The levels of ROS within the cells were quantified utilizing a DCFH-DA fluorescent probe (S0033 M, Beyotime Biotechnology, Shanghai, China) followed the manufacturer’s guidelines. Following treatment, 10 µM DCFH-DA solution in medium devoid of FBS was added to each corresponding well. Afterward, the cells were incubated in a lightless setting at 37 °C for 20 min prior to being rinsed twice with medium devoid of FBS. The brightness of the fluorescence was captured with a fluorescence microscope.

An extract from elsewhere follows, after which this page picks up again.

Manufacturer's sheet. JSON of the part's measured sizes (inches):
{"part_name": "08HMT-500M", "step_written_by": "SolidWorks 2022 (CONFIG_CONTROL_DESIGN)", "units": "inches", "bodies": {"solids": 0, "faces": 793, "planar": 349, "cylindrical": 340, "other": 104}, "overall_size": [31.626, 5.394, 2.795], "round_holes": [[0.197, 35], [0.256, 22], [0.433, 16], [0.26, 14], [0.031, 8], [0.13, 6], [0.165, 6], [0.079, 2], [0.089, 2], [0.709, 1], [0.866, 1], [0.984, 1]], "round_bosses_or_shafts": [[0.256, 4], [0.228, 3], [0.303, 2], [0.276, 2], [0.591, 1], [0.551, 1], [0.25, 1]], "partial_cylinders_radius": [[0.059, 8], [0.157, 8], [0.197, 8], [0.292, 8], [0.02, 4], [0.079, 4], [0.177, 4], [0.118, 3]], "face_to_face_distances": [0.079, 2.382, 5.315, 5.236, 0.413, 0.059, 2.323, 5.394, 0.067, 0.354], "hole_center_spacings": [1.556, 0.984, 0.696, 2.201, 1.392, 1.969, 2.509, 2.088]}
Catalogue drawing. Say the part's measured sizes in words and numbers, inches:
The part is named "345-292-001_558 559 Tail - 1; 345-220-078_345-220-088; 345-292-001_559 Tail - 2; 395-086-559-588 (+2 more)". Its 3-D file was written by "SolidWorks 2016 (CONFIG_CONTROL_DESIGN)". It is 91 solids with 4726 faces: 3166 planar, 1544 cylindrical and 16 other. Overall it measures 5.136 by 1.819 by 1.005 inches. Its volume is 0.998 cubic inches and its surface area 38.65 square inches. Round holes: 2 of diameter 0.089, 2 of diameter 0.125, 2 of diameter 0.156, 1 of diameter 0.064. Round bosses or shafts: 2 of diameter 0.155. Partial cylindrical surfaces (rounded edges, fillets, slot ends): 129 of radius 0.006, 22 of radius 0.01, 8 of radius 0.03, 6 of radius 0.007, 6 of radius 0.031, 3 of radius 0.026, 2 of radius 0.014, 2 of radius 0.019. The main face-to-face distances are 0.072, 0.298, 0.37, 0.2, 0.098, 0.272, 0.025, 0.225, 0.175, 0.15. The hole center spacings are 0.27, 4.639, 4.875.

Transepithelial electrical resistance (TER) evaluation

To evaluate cell barrier performance in a controlled environment, TER was measured daily in three specific regions of the samples using a Milli-cell electrical resistance system (Millipore, Massachusetts, USA). Sertoli cells were initially inoculated in MilliCell Hanging Cell Culture Inserts (PET 0.4 μm, Millipore, Massachusetts, USA) at a concentration of 0.5 × 106 cells/cm2 and allowed to develop for three days to establish cellular barriers. After treatment, a Millicell electrical resistance system (Millipore, Massachusetts, USA) was used to measure the TER. The TER was calculated by the following formula: TER (Ω·cm2) = (resistance from treatment (Ω) - initial resistance (Ω)) × surface area of membrane (cm2).

Statistical analysis

The data illustrated in this investigation were sourced from a minimum of three distinct in vivo specimens and three separate in vitro trials. The outcomes were visualized utilizing GraphPad Prism 7 (GraphPad Software, California, USA) and are reported as the means ± standard deviations (SDs). Statistical significance across various groups was scrutinized utilizing SPSS 19.0 software (SPSS, Illinois, USA) through independent t tests and one-way analyses of variance (ANOVAs) followed by post hoc assessments of least significant divergence (matching variances) or Games-Howell (mismatching variances). A significance level of P < 0.05 was used to determine statistical significance.